Can Turnitin detect AI watermarks?
No! Turnitin looks for signs of AI-generated text characteristics: perplexity, burstiness, and vocabulary patterns, among others. It is a Type 2 pattern detection. It does not contain any model provider's watermark verification key.
Turnitin's detection still does not include any verification of watermarks.
How accurate is the AI watermark checker detection?
Accuracy is reported to be between 62–88% depending on the type of content, length, and amount of post-generation editing.
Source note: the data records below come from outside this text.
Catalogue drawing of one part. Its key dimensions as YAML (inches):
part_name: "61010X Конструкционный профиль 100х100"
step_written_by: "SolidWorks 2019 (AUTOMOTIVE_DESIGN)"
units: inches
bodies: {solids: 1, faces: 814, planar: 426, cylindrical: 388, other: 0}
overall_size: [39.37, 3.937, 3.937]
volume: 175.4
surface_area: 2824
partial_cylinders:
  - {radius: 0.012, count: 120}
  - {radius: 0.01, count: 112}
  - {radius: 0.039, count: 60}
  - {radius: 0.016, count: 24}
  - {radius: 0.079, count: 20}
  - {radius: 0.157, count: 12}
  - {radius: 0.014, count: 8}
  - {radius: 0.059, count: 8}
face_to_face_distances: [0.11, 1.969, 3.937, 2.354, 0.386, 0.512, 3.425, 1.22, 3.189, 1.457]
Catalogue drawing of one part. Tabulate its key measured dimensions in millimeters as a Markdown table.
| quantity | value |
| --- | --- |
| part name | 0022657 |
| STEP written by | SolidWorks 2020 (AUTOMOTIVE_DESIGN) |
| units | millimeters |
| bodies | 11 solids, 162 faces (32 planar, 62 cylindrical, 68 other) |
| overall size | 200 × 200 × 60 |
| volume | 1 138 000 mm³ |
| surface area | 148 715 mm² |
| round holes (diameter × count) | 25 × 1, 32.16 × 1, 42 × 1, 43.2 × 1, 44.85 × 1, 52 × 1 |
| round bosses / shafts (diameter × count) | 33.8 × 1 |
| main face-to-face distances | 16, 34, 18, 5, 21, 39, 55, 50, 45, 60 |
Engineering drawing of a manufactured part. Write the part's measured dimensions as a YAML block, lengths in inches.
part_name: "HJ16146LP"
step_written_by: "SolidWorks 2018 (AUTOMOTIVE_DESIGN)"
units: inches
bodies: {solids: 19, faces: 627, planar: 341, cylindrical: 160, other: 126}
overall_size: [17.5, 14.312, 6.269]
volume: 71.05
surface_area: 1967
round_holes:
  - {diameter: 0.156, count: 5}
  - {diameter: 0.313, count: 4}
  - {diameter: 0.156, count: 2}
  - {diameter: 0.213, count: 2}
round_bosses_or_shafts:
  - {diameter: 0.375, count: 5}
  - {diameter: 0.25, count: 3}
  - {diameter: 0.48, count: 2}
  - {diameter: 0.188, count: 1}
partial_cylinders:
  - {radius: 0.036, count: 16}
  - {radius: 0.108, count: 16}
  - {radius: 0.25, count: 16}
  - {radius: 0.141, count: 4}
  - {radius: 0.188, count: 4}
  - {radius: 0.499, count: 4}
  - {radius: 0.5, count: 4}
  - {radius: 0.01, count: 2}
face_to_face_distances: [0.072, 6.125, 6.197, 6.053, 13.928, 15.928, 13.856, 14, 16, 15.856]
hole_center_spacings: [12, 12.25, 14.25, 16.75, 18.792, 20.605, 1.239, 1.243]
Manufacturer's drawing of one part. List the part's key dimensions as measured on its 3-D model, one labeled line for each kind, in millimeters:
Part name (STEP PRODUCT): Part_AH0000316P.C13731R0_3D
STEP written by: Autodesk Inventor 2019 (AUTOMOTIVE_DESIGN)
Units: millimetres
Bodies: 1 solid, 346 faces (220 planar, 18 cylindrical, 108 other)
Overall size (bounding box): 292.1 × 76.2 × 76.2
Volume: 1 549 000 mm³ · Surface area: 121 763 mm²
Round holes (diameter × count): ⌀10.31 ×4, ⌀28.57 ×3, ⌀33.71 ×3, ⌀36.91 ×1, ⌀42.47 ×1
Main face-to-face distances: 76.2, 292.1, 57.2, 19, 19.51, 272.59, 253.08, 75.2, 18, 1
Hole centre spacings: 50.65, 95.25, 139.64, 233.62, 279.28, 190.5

The low end of that range would be for short documents and paraphrased content.
The risk of false positives with clean human-created writing, especially by non-native English writers, is also well known and should be considered when making high-stakes decisions based upon a detection score.
Phrasly's AI Watermark Remover rewrites the flagged passages naturally, improving rhythm and variation so the content reads as human because it genuinely is better written.
Does GPT-5 have a detectable watermark?
Not publicly! OpenAI has researched text watermarking thoroughly, and it's still under development. As of 2026, no detectable watermark has been used with ChatGPT or GPT-5.
What is SynthID, and can it detect AI text?
SynthID is Google DeepMind's watermarking system, meant to prove that content was created by Gemini. This scheme embeds a watermark into text by adding an undetectable cryptographic bias to token selection probabilities when generating content.
SynthID text verification was not made available to the public as of 2026. While the watermark is present in Gemini's text outputs, you cannot use SynthID to verify arbitrary text. SynthID can only verify Gemini's output, and only via Google's private API.